WHAT IS BEING ASKED: When the word "view" shows up in a line of the data below, copy that whole line.

EXTRACTED INFORMATION:

********************

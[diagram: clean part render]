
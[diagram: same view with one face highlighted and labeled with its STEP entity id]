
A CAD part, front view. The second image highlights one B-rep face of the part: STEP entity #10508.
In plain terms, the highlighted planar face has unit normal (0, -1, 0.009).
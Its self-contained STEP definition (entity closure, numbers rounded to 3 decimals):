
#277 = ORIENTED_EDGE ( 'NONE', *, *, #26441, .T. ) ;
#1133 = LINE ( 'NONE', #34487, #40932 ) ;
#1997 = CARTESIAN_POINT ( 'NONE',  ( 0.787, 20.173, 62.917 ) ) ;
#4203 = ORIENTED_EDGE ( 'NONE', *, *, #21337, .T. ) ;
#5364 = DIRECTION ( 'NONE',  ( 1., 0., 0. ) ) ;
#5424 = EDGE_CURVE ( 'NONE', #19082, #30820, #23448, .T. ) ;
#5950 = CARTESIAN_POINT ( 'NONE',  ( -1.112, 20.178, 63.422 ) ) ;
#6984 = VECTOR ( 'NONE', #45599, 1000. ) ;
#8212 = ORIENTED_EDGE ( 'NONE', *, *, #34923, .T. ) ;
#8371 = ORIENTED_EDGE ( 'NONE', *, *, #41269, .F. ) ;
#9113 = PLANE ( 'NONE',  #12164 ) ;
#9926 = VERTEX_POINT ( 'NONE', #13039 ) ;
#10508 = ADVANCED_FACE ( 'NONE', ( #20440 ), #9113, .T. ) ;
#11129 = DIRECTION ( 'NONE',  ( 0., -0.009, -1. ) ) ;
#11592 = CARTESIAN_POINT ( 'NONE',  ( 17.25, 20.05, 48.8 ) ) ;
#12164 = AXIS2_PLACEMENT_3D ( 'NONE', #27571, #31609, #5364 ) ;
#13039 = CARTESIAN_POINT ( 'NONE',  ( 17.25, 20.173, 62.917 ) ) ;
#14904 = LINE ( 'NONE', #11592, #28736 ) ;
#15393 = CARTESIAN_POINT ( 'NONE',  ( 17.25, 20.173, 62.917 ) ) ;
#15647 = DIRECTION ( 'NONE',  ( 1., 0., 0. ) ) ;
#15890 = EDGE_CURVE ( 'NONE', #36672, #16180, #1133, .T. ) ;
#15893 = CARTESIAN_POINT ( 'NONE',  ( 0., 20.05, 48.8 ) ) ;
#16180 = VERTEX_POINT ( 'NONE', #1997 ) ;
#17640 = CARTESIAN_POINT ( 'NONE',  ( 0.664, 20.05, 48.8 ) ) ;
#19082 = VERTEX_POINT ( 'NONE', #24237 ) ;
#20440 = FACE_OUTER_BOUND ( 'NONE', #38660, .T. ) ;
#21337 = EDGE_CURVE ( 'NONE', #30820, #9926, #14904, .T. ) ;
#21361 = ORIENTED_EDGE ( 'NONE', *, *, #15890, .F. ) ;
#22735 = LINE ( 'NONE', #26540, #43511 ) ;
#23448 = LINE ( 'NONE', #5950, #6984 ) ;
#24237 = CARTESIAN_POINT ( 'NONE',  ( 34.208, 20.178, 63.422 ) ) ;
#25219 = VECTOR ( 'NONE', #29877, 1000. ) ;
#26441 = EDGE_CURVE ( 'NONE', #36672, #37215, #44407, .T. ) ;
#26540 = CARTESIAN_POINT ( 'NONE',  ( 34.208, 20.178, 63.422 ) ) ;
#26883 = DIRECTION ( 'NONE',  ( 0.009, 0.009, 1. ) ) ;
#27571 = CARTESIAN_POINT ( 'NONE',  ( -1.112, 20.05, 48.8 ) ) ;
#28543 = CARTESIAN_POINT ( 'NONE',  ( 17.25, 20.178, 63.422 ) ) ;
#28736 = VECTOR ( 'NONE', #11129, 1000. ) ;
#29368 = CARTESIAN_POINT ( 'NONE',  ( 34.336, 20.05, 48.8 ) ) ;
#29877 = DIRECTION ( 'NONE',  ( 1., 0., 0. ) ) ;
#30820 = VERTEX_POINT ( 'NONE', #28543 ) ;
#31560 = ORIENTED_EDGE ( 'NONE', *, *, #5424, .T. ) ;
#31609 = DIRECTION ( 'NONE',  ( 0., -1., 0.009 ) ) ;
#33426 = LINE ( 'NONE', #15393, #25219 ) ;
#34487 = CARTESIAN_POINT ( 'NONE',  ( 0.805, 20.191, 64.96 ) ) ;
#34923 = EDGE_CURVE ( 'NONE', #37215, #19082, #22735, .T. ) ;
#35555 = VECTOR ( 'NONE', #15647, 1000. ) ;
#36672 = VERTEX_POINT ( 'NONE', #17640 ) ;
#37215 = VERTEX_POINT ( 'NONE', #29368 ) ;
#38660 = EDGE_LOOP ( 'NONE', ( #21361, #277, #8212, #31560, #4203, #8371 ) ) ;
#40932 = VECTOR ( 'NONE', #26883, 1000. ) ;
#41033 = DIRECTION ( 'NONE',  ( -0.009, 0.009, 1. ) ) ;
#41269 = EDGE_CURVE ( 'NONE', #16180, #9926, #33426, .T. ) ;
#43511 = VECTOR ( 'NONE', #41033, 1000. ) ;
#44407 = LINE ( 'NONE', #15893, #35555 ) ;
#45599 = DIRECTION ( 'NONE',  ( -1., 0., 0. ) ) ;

********************

THE COMPLETED TASK:
[diagram: same view with one face highlighted and labeled with its STEP entity id]
A CAD part, front view. The second image highlights one B-rep face of the part: STEP entity #10508.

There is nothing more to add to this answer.